Problem statement » Please show all lines of the records that include "save".

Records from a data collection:
********

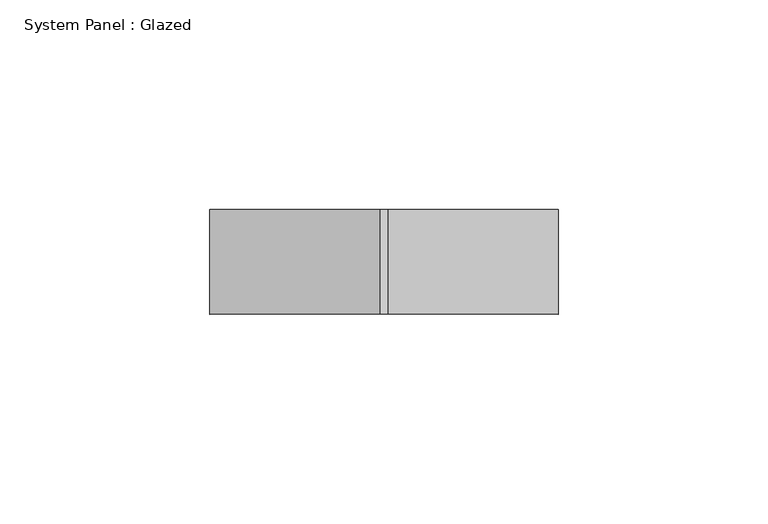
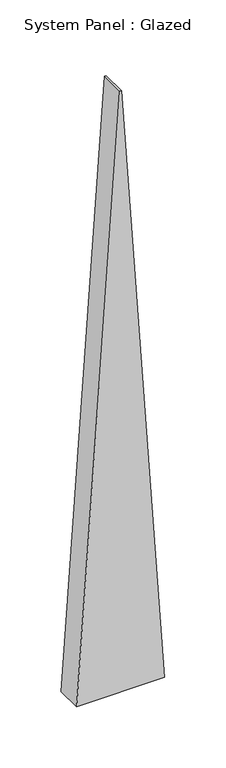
"""IFC4 building model written with IfcOpenShell, lengths in millimetres: plate geometry, System Panel : Glazed."""

import ifcopenshell
import ifcopenshell.guid

model = None  # the IFC model being written
_history = None  # IfcOwnerHistory: only IFC2X3 demands one
_inside = {}  # id of a spatial element -> (the spatial element, [elements in it])
_under = {}  # id of a project, library or spatial element -> (it, [spatial elements below it])
_declared = {}  # id of a project -> (the project, [libraries it declares])
_typed = {}  # id of a type object -> (the type object, [elements of that type])
_made_of = {}  # id of a material, layer set ... -> (it, [elements and type objects made of it])


def new_model(schema):
    """Start an empty IFC model of exactly this schema.

    Asked for "IFC4X3", IfcOpenShell would pick the latest addendum, in which some entities
    have other attributes; the version numbers below select the first issue.
    IFC2X3 requires an IfcOwnerHistory on every rooted entity: one is made here for all.
    """
    global model, _history
    if schema == "IFC4X3":
        model = ifcopenshell.file(schema_version=(4, 3, 0, 0))
    else:
        model = ifcopenshell.file(schema=schema)
    _inside.clear()
    _under.clear()
    _declared.clear()
    _typed.clear()
    _made_of.clear()
    _history = None
    if model.schema == "IFC2X3":
        org = make("IfcOrganization", Name="unknown")
        user = make(
            "IfcPersonAndOrganization",
            ThePerson=make("IfcPerson", FamilyName="unknown"),
            TheOrganization=org,
        )
        app = make(
            "IfcApplication",
            ApplicationDeveloper=org,
            Version="unknown",
            ApplicationFullName="unknown",
            ApplicationIdentifier="unknown",
        )
        _history = make(
            "IfcOwnerHistory",
            OwningUser=user,
            OwningApplication=app,
            ChangeAction="ADDED",
            CreationDate=0,
        )
    return model


def make(cls, **values):
    """One entity of the class cls with the attributes given. An attribute that is None is left unset."""
    return model.create_entity(
        cls, **{name: value for name, value in values.items() if value is not None}
    )


def rooted(cls, **values):
    """An entity with a GlobalId (a new one), such as an element, a storey or a relation."""
    return make(cls, GlobalId=ifcopenshell.guid.new(), OwnerHistory=_history, **values)


def si_unit(unit_type, name, prefix=None):
    """IfcSIUnit, for example si_unit("LENGTHUNIT", "METRE", prefix="MILLI")."""
    return make("IfcSIUnit", UnitType=unit_type, Prefix=prefix, Name=name)


def assignment(units):
    """IfcUnitAssignment: the units of a project."""
    return None if units is None else make("IfcUnitAssignment", Units=units)


def point(xyz):
    """IfcCartesianPoint."""
    return None if xyz is None else make("IfcCartesianPoint", Coordinates=xyz)


def direction(xyz):
    """IfcDirection."""
    return None if xyz is None else make("IfcDirection", DirectionRatios=xyz)


def frame(location, z_axis=None, x_axis=None):
    """IfcAxis2Placement3D, a coordinate frame: its origin and axes. An axis left out is left unset."""
    return make(
        "IfcAxis2Placement3D",
        Location=point(location),
        Axis=direction(z_axis),
        RefDirection=direction(x_axis),
    )


def origin():
    """The frame at (0, 0, 0) with its axes left unset."""
    return frame((0.0, 0.0, 0.0))


def place(relative_to, where):
    """IfcLocalPlacement: puts the frame where relative to a parent placement (None: the world)."""
    return make(
        "IfcLocalPlacement", PlacementRelTo=relative_to, RelativePlacement=where
    )


def context(
    kind, dimensions, precision=None, world=None, true_north=None, identifier=None
):
    """IfcGeometricRepresentationContext, for example the 3D "Model" context."""
    return make(
        "IfcGeometricRepresentationContext",
        ContextIdentifier=identifier,
        ContextType=kind,
        CoordinateSpaceDimension=dimensions,
        Precision=precision,
        WorldCoordinateSystem=world,
        TrueNorth=true_north,
    )


def project(units=None, contexts=None):
    """IfcProject with its units and contexts."""
    return rooted(
        "IfcProject",
        Name="project",
        RepresentationContexts=contexts,
        UnitsInContext=assignment(units),
    )


def spatial(cls, under=None, at=None, **own):
    """A site, building, storey or space (cls), placed at a placement, below another one or the project."""
    s = rooted(cls, ObjectPlacement=at, **own)
    if under is not None:
        _under.setdefault(under.id(), (under, []))[1].append(s)
    return s


def polyline(points):
    """IfcPolyline through the points."""
    return make("IfcPolyline", Points=[point(p) for p in points])


def outline(outer, holes=None, kind="AREA"):
    """IfcArbitraryClosedProfileDef: a profile drawn as a closed curve; with holes, ...WithVoids."""
    if holes is None:
        return make("IfcArbitraryClosedProfileDef", ProfileType=kind, OuterCurve=outer)
    return make(
        "IfcArbitraryProfileDefWithVoids",
        ProfileType=kind,
        OuterCurve=outer,
        InnerCurves=holes,
    )


def extrude(swept, where, along, depth):
    """IfcExtrudedAreaSolid: the profile swept, set in the frame where, extruded along a direction by depth."""
    return make(
        "IfcExtrudedAreaSolid",
        SweptArea=swept,
        Position=where,
        ExtrudedDirection=direction(along),
        Depth=depth,
    )


def shape(context_of_items, identifier, shape_type, items):
    """IfcShapeRepresentation: the items that make up one representation, for example the "Body"."""
    return make(
        "IfcShapeRepresentation",
        ContextOfItems=context_of_items,
        RepresentationIdentifier=identifier,
        RepresentationType=shape_type,
        Items=items,
    )


def source(mapping_origin, context_of_items, identifier, shape_type, items):
    """IfcRepresentationMap: a shape defined once, which mapped items show again and again."""
    return make(
        "IfcRepresentationMap",
        MappingOrigin=mapping_origin,
        MappedRepresentation=shape(context_of_items, identifier, shape_type, items),
    )


def transform(
    local_origin,
    x_axis=None,
    y_axis=None,
    z_axis=None,
    scale=None,
    scale2=None,
    scale3=None,
    uniform=True,
):
    """IfcCartesianTransformationOperator3D, or its non-uniform kind. x_axis, y_axis, z_axis: its Axis1, 2, 3."""
    if uniform:
        return make(
            "IfcCartesianTransformationOperator3D",
            Axis1=direction(x_axis),
            Axis2=direction(y_axis),
            LocalOrigin=point(local_origin),
            Scale=scale,
            Axis3=direction(z_axis),
        )
    return make(
        "IfcCartesianTransformationOperator3DnonUniform",
        Axis1=direction(x_axis),
        Axis2=direction(y_axis),
        LocalOrigin=point(local_origin),
        Scale=scale,
        Axis3=direction(z_axis),
        Scale2=scale2,
        Scale3=scale3,
    )


def mapped(mapping_source, mapping_target):
    """IfcMappedItem: shows the shape of a source again, moved by a transform."""
    return make(
        "IfcMappedItem", MappingSource=mapping_source, MappingTarget=mapping_target
    )


def made_of(thing, what):
    """Note that an element or type object is made of a material, layer set ...; save() writes the relation."""
    if what is not None:
        _made_of.setdefault(what.id(), (what, []))[1].append(thing)
    return thing


def element(
    cls,
    number,
    at=None,
    inside=None,
    cuts=None,
    type_object=None,
    material=None,
    context=None,
    identifier="Body",
    shape_type=None,
    held_by="IfcProductDefinitionShape",
    body=None,
    shapes=None,
    **own,
):
    """One element of the class cls, such as IfcWall. Its Tag is "e" and its number.

    at: its placement. inside: the storey or other place that contains it. cuts: it is an
    opening in that element (IfcRelVoidsElement). A single representation is given by context,
    identifier, shape_type and body (its items); several are given by shapes. held_by: the class
    of the entity that holds the representations. save() writes the other relations.
    """
    e = rooted(cls, Tag="e%d" % number, ObjectPlacement=at, **own)
    if body is not None:
        shapes = [shape(context, identifier, shape_type, body)]
    if shapes is not None:
        e.Representation = make(held_by, Representations=shapes)
    if inside is not None:
        _inside.setdefault(inside.id(), (inside, []))[1].append(e)
    if cuts is not None:
        rooted(
            "IfcRelVoidsElement", RelatingBuildingElement=cuts, RelatedOpeningElement=e
        )
    if type_object is not None:
        _typed.setdefault(type_object.id(), (type_object, []))[1].append(e)
    return made_of(e, material)


def aggregate(whole, parts):
    """IfcRelAggregates: a whole, such as a stair, and the parts it consists of."""
    return rooted("IfcRelAggregates", RelatingObject=whole, RelatedObjects=parts)


def save(model, path):
    """Write the relations noted so far, then the file.

    IfcRelAggregates (storeys below a building ...), IfcRelContainedInSpatialStructure (elements
    in a storey), IfcRelDefinesByType, IfcRelAssociatesMaterial and IfcRelDeclares: one each for
    every whole, place, type object, material and project.
    """
    for whole, parts in _under.values():
        aggregate(whole, parts)
    for where, things in _inside.values():
        rooted(
            "IfcRelContainedInSpatialStructure",
            RelatedElements=things,
            RelatingStructure=where,
        )
    for kind, things in _typed.values():
        rooted("IfcRelDefinesByType", RelatedObjects=things, RelatingType=kind)
    for what, things in _made_of.values():
        rooted("IfcRelAssociatesMaterial", RelatedObjects=things, RelatingMaterial=what)
    for by, libraries in _declared.values():
        rooted("IfcRelDeclares", RelatingContext=by, RelatedDefinitions=libraries)
    model.write(path)


def system_panel_glazed_cf8c54f4(model_context):
    return source(origin(), model_context, "Body", "SweptSolid", [
        extrude(outline(polyline([(0.0, -41.6441044), (0.0, 41.6441044), (598.6107878, 0.8381647), (598.6107878, -0.8381647), (0.0, -41.6441044)])), frame((0.0, 24.5, 0.0), z_axis=(0.0, 1.0, 0.0), x_axis=(0.0, 0.0, 1.0)), (0.0, 0.0, 1.0), 25.0),
    ])


if __name__ == "__main__":
    model = new_model("IFC4")
    model_context = context("Model", 3, world=origin())
    ifc_project = project(units=[si_unit("LENGTHUNIT", "METRE", prefix="MILLI")], contexts=[model_context])
    site = spatial("IfcSite", under=ifc_project)
    building = spatial("IfcBuilding", under=site)
    placement = place(None, origin())
    system_panel_glazed_shape = system_panel_glazed_cf8c54f4(model_context)
    element("IfcPlate", 1, ObjectType="System Panel : Glazed", at=placement, inside=building, context=model_context, shape_type="MappedRepresentation", body=[
        mapped(system_panel_glazed_shape, transform((0.0, 0.0, 0.0), x_axis=(1.0, 0.0, 0.0), y_axis=(0.0, 1.0, 0.0), z_axis=(0.0, 0.0, 1.0))),
    ])
    save(model, "model.ifc")

********

Output »
    """Note that an element or type object is made of a material, layer set ...; save() writes the relation."""
    of the entity that holds the representations. save() writes the other relations.
def save(model, path):
    save(model, "model.ifc")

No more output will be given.